**Exercise goal**: Transcribe the records below exactly as written, from the opening line through the line that contains "constraints: 2 end point, 1 midpoint".

-------

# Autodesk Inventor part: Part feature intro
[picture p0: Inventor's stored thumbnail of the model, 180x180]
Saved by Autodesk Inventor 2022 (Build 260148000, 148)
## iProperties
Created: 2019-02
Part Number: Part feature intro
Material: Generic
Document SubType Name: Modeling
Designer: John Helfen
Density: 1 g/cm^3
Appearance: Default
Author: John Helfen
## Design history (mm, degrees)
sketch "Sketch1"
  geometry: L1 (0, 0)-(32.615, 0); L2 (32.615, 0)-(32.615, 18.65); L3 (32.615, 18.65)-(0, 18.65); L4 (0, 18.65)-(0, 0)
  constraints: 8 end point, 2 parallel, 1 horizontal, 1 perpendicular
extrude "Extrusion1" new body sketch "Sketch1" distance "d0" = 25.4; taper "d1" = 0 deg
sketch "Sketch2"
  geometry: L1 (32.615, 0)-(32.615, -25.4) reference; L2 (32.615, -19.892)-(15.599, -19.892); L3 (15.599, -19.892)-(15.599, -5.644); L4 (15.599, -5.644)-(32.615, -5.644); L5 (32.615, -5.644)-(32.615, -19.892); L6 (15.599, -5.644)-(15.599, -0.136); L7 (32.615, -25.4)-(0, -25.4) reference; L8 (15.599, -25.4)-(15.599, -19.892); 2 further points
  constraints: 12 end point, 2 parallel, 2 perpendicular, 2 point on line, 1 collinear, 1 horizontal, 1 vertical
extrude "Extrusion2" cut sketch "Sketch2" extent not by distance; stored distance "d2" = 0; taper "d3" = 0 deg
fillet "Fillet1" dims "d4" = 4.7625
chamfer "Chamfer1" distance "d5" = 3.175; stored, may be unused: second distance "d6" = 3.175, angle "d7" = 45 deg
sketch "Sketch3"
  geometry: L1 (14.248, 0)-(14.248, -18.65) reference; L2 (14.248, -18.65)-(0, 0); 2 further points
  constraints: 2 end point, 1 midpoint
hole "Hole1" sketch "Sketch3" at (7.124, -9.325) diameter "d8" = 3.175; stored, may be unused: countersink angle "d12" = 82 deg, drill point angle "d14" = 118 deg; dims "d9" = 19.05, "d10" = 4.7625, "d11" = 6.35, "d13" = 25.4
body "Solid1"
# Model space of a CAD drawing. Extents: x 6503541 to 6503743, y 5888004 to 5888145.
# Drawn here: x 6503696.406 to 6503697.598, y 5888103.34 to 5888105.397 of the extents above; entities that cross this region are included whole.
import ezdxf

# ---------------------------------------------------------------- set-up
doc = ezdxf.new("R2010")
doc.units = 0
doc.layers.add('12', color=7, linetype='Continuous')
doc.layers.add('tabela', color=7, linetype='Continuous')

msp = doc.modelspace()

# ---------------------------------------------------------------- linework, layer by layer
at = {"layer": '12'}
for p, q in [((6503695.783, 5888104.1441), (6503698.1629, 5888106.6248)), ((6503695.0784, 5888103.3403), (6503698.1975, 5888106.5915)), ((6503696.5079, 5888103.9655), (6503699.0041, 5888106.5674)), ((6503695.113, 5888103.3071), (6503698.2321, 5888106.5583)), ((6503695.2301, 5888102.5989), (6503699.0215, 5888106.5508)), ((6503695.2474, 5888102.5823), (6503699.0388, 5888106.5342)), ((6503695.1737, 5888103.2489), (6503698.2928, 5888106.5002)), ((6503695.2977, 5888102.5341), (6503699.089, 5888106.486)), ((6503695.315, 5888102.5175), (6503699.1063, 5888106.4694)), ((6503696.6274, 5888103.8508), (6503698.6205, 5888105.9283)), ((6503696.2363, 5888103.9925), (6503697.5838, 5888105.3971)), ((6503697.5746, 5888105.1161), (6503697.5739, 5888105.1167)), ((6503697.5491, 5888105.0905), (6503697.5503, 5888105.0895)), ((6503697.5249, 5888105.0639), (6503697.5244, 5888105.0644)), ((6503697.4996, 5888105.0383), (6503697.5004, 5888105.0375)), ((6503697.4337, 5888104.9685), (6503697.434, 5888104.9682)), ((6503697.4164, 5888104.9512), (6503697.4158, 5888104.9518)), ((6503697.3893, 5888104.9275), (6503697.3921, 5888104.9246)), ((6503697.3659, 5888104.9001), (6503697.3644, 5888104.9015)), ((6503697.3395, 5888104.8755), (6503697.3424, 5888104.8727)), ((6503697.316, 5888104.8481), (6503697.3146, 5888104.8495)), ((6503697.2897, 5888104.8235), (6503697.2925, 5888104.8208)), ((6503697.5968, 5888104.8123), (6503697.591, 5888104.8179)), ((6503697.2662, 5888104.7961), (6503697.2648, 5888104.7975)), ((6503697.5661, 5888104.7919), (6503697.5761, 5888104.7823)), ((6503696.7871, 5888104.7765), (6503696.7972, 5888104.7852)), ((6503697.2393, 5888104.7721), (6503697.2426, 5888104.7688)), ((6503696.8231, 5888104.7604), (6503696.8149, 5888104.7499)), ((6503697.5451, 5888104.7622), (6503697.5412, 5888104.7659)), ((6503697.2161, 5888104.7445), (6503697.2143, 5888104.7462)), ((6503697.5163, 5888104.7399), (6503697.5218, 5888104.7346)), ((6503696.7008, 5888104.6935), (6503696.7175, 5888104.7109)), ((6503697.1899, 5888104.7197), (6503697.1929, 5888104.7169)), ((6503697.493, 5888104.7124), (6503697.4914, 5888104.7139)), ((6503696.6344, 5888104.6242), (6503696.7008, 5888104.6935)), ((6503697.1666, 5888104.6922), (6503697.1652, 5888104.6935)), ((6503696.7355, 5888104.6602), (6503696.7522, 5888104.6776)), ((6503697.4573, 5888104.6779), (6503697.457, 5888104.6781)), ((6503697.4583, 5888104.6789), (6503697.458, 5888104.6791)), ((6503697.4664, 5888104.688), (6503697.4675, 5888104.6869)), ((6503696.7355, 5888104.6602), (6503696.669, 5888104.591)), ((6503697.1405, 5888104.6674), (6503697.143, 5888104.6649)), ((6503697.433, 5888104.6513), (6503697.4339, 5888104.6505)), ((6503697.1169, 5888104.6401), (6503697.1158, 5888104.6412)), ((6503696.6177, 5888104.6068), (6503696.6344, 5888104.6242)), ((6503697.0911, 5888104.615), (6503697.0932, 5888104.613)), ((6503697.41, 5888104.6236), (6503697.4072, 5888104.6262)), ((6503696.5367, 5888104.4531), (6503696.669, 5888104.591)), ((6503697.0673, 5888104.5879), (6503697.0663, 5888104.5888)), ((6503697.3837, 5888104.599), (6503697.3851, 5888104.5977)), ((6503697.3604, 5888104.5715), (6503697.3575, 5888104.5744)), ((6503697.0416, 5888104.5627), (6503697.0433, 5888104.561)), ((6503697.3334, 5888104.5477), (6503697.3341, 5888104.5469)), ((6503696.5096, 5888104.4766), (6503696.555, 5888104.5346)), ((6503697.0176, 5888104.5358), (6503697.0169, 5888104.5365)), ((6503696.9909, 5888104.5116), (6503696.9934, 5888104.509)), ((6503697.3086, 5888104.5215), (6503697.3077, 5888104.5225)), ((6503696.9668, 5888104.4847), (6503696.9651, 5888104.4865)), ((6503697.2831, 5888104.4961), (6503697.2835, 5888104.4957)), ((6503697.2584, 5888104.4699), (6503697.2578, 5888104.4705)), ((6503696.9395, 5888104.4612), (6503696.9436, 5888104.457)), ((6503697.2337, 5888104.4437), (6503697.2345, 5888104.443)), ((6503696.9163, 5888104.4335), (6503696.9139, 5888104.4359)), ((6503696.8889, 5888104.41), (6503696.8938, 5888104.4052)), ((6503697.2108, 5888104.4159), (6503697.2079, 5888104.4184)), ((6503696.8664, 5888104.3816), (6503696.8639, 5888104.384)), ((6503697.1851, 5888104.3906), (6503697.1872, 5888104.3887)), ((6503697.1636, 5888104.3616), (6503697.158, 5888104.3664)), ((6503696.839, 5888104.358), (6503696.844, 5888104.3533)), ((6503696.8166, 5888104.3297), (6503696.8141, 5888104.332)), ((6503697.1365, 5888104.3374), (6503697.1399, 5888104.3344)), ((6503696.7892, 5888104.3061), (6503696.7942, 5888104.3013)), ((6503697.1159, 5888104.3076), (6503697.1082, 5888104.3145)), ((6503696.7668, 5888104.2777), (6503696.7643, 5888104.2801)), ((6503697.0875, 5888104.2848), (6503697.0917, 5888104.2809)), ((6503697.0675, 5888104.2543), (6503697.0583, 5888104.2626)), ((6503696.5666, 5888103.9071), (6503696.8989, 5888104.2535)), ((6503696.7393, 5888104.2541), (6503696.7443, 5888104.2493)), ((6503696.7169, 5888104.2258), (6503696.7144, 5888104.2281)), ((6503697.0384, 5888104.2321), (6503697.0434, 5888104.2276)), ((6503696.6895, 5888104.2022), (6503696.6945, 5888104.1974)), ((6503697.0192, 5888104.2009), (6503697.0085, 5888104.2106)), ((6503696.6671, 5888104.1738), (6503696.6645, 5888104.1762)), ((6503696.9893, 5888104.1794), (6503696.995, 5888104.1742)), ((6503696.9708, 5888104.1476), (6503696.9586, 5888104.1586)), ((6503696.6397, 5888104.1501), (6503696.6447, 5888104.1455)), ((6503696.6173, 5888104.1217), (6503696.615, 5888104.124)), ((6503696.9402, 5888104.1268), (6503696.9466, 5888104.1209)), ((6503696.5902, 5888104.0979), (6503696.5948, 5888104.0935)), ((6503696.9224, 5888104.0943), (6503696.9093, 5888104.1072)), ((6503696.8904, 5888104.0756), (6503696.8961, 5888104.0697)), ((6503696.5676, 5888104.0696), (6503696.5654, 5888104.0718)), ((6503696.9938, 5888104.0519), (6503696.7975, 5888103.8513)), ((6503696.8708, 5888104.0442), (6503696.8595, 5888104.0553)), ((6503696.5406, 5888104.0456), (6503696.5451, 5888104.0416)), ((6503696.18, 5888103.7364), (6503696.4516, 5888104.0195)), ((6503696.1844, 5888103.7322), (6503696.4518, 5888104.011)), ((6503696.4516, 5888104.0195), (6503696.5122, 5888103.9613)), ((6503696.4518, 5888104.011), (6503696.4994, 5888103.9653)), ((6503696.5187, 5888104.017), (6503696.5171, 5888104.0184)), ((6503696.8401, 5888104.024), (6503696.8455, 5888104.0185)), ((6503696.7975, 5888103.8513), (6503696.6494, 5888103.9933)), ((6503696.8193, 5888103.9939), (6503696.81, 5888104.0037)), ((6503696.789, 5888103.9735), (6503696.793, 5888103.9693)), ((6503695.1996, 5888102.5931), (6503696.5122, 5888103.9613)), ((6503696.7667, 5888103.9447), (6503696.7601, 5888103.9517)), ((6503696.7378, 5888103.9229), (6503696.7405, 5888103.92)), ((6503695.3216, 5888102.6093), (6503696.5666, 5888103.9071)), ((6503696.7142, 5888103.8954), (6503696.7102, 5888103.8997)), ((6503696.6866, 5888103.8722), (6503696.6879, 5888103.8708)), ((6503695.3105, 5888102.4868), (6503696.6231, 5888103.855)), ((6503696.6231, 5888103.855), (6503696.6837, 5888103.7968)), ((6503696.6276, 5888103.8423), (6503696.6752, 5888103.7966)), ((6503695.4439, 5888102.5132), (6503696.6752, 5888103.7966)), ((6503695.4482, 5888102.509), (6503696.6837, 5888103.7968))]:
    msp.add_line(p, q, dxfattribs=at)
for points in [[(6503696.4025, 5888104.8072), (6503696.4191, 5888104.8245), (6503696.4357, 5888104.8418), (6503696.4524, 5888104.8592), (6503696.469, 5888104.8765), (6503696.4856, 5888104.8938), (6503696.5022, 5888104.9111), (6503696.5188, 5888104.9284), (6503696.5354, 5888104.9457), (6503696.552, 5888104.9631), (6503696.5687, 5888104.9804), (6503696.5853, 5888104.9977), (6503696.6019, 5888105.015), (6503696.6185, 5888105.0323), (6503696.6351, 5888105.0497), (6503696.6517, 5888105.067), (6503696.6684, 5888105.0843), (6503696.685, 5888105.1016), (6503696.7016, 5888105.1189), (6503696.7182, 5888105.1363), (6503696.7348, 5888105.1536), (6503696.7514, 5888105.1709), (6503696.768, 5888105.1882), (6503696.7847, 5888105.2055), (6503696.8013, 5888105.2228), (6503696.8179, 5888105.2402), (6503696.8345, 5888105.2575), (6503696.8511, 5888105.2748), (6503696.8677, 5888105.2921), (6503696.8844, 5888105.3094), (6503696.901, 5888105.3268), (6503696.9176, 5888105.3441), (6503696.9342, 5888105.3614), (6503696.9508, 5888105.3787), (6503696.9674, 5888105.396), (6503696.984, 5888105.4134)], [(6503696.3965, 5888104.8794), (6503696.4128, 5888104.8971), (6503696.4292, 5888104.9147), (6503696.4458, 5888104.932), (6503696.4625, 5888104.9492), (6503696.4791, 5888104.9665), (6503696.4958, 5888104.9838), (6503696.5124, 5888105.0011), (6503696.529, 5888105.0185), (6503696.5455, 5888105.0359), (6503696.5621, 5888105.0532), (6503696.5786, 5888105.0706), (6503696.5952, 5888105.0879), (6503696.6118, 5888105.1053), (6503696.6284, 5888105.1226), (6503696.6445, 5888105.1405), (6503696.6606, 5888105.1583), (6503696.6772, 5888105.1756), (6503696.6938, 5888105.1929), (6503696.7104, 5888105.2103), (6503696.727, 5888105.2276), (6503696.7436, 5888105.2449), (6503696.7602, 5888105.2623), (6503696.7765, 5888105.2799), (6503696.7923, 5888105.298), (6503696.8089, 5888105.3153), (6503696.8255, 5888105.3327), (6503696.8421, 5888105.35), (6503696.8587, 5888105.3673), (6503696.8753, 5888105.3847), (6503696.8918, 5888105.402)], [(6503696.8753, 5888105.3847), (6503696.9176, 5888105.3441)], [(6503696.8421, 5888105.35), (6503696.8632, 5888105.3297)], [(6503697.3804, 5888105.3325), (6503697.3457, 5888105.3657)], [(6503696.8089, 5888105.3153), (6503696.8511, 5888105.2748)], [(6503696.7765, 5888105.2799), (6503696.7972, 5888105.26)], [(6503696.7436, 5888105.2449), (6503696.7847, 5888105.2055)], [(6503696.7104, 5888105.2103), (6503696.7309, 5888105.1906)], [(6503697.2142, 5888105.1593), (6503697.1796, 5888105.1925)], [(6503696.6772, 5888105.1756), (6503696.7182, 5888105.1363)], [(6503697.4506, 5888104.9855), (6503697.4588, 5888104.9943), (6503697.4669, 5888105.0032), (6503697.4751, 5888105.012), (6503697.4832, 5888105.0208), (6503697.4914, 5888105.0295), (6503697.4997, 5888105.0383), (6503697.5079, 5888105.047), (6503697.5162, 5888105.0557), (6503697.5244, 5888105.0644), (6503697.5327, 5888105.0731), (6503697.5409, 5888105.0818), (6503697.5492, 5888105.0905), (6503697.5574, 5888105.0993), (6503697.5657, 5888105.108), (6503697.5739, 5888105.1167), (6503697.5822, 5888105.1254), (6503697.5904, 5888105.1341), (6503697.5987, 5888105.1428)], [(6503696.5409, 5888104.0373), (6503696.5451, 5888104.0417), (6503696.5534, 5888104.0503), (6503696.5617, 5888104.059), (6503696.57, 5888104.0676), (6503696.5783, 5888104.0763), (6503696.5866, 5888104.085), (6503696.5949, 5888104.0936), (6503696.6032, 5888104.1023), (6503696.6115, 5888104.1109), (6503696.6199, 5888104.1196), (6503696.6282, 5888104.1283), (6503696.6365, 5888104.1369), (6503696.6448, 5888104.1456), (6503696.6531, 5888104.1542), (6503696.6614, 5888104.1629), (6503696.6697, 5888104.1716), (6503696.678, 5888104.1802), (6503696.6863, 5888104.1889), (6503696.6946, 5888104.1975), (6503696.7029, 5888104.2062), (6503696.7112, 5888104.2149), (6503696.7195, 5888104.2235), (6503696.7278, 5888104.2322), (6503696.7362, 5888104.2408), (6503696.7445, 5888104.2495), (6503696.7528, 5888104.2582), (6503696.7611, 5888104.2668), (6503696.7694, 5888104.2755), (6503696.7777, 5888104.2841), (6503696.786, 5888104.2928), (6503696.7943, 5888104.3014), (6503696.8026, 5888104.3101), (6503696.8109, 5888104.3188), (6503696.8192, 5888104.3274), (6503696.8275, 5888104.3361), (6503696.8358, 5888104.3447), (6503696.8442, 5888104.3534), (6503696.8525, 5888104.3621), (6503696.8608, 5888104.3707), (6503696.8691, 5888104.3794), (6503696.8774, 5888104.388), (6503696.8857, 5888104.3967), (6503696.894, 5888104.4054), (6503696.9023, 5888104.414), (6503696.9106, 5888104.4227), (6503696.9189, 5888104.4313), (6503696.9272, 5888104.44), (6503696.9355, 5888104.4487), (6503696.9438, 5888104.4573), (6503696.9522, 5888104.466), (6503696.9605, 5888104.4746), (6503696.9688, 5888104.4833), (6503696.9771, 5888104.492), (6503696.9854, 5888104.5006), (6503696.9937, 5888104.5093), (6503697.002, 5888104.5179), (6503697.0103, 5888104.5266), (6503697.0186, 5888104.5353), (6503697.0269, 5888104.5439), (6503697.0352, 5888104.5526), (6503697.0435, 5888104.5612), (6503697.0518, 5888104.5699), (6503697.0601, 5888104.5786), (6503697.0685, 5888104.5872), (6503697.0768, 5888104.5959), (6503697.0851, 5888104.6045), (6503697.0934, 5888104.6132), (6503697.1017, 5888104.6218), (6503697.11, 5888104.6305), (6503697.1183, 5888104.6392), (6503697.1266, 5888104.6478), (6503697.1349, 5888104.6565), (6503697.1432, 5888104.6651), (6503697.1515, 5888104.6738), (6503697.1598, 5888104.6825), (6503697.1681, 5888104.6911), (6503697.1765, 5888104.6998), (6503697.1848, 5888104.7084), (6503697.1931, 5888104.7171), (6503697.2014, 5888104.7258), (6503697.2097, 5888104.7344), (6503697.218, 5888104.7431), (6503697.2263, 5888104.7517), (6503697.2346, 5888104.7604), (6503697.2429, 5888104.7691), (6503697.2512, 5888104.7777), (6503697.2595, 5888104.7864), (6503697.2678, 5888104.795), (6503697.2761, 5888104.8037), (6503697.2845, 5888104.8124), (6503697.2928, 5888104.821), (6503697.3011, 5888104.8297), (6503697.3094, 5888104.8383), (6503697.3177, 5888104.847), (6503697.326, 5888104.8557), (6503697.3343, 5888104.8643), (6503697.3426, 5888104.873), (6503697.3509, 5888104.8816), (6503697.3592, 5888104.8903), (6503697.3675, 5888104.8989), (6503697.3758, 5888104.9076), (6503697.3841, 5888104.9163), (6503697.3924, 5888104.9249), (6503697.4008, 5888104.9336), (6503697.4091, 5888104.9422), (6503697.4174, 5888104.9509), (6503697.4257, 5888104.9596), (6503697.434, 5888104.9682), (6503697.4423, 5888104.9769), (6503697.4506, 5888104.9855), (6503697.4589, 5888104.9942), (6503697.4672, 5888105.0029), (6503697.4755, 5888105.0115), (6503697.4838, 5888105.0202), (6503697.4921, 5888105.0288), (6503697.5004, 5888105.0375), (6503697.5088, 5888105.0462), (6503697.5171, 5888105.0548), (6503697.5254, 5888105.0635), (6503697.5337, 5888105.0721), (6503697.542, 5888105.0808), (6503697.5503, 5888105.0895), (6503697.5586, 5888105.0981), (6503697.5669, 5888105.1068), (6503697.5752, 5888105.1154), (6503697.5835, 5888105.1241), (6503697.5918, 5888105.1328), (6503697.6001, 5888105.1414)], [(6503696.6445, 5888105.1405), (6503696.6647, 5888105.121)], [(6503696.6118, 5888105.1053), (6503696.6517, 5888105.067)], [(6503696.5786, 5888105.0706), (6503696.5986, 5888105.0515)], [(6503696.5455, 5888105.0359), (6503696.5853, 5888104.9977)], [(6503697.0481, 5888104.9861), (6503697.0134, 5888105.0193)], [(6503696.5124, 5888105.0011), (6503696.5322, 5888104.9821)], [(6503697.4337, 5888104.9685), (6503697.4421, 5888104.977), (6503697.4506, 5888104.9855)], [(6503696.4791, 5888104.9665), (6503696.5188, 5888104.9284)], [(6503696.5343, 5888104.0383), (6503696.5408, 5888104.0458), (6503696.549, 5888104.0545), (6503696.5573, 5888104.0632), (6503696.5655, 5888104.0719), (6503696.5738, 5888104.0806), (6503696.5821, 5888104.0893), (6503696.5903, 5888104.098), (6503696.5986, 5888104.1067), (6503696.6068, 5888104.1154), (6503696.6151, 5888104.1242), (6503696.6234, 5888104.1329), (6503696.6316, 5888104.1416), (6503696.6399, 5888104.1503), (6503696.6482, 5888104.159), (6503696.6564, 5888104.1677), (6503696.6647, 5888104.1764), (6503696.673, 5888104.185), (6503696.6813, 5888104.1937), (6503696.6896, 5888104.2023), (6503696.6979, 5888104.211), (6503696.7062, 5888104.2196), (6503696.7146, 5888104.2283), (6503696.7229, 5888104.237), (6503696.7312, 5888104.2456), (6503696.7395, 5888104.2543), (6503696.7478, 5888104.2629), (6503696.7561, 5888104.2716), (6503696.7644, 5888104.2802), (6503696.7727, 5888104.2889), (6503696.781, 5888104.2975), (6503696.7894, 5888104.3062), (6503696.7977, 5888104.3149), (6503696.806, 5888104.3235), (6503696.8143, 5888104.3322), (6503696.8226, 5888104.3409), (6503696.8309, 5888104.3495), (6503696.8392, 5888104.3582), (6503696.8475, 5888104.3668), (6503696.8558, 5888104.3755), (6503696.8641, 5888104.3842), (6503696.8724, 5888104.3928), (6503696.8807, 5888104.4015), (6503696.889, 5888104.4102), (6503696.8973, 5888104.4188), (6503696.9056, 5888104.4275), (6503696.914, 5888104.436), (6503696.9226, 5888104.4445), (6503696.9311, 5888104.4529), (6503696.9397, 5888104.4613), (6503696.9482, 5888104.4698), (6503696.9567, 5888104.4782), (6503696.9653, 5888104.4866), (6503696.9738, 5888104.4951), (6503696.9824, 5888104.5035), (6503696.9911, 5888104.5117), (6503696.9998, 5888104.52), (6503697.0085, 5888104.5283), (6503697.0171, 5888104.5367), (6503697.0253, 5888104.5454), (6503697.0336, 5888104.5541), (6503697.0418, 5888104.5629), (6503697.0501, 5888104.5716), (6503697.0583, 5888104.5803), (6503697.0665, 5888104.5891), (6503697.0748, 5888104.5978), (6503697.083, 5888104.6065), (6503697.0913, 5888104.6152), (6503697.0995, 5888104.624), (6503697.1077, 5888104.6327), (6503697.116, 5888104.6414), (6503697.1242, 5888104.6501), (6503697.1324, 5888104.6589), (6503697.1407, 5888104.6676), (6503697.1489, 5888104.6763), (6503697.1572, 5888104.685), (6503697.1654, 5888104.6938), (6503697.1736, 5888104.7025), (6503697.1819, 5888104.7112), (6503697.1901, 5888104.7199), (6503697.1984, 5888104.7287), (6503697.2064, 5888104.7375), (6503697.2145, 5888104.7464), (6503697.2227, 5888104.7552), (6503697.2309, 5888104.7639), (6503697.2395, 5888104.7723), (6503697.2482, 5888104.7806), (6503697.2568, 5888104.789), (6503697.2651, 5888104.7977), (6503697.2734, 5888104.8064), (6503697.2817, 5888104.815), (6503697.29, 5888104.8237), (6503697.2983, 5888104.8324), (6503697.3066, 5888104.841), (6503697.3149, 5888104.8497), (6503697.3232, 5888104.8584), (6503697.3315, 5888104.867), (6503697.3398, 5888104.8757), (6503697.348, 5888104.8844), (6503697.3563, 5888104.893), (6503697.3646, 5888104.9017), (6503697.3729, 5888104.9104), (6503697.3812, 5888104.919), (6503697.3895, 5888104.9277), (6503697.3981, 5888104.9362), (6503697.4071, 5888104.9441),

-------

**Result of this exercise**:
# Autodesk Inventor part: Part feature intro
[picture p0: Inventor's stored thumbnail of the model, 180x180]
Saved by Autodesk Inventor 2022 (Build 260148000, 148)
## iProperties
Created: 2019-02
Part Number: Part feature intro
Material: Generic
Document SubType Name: Modeling
Designer: John Helfen
Density: 1 g/cm^3
Appearance: Default
Author: John Helfen
## Design history (mm, degrees)
sketch "Sketch1"
  geometry: L1 (0, 0)-(32.615, 0); L2 (32.615, 0)-(32.615, 18.65); L3 (32.615, 18.65)-(0, 18.65); L4 (0, 18.65)-(0, 0)
  constraints: 8 end point, 2 parallel, 1 horizontal, 1 perpendicular
extrude "Extrusion1" new body sketch "Sketch1" distance "d0" = 25.4; taper "d1" = 0 deg
sketch "Sketch2"
  geometry: L1 (32.615, 0)-(32.615, -25.4) reference; L2 (32.615, -19.892)-(15.599, -19.892); L3 (15.599, -19.892)-(15.599, -5.644); L4 (15.599, -5.644)-(32.615, -5.644); L5 (32.615, -5.644)-(32.615, -19.892); L6 (15.599, -5.644)-(15.599, -0.136); L7 (32.615, -25.4)-(0, -25.4) reference; L8 (15.599, -25.4)-(15.599, -19.892); 2 further points
  constraints: 12 end point, 2 parallel, 2 perpendicular, 2 point on line, 1 collinear, 1 horizontal, 1 vertical
extrude "Extrusion2" cut sketch "Sketch2" extent not by distance; stored distance "d2" = 0; taper "d3" = 0 deg
fillet "Fillet1" dims "d4" = 4.7625
chamfer "Chamfer1" distance "d5" = 3.175; stored, may be unused: second distance "d6" = 3.175, angle "d7" = 45 deg
sketch "Sketch3"
  geometry: L1 (14.248, 0)-(14.248, -18.65) reference; L2 (14.248, -18.65)-(0, 0); 2 further points
  constraints: 2 end point, 1 midpoint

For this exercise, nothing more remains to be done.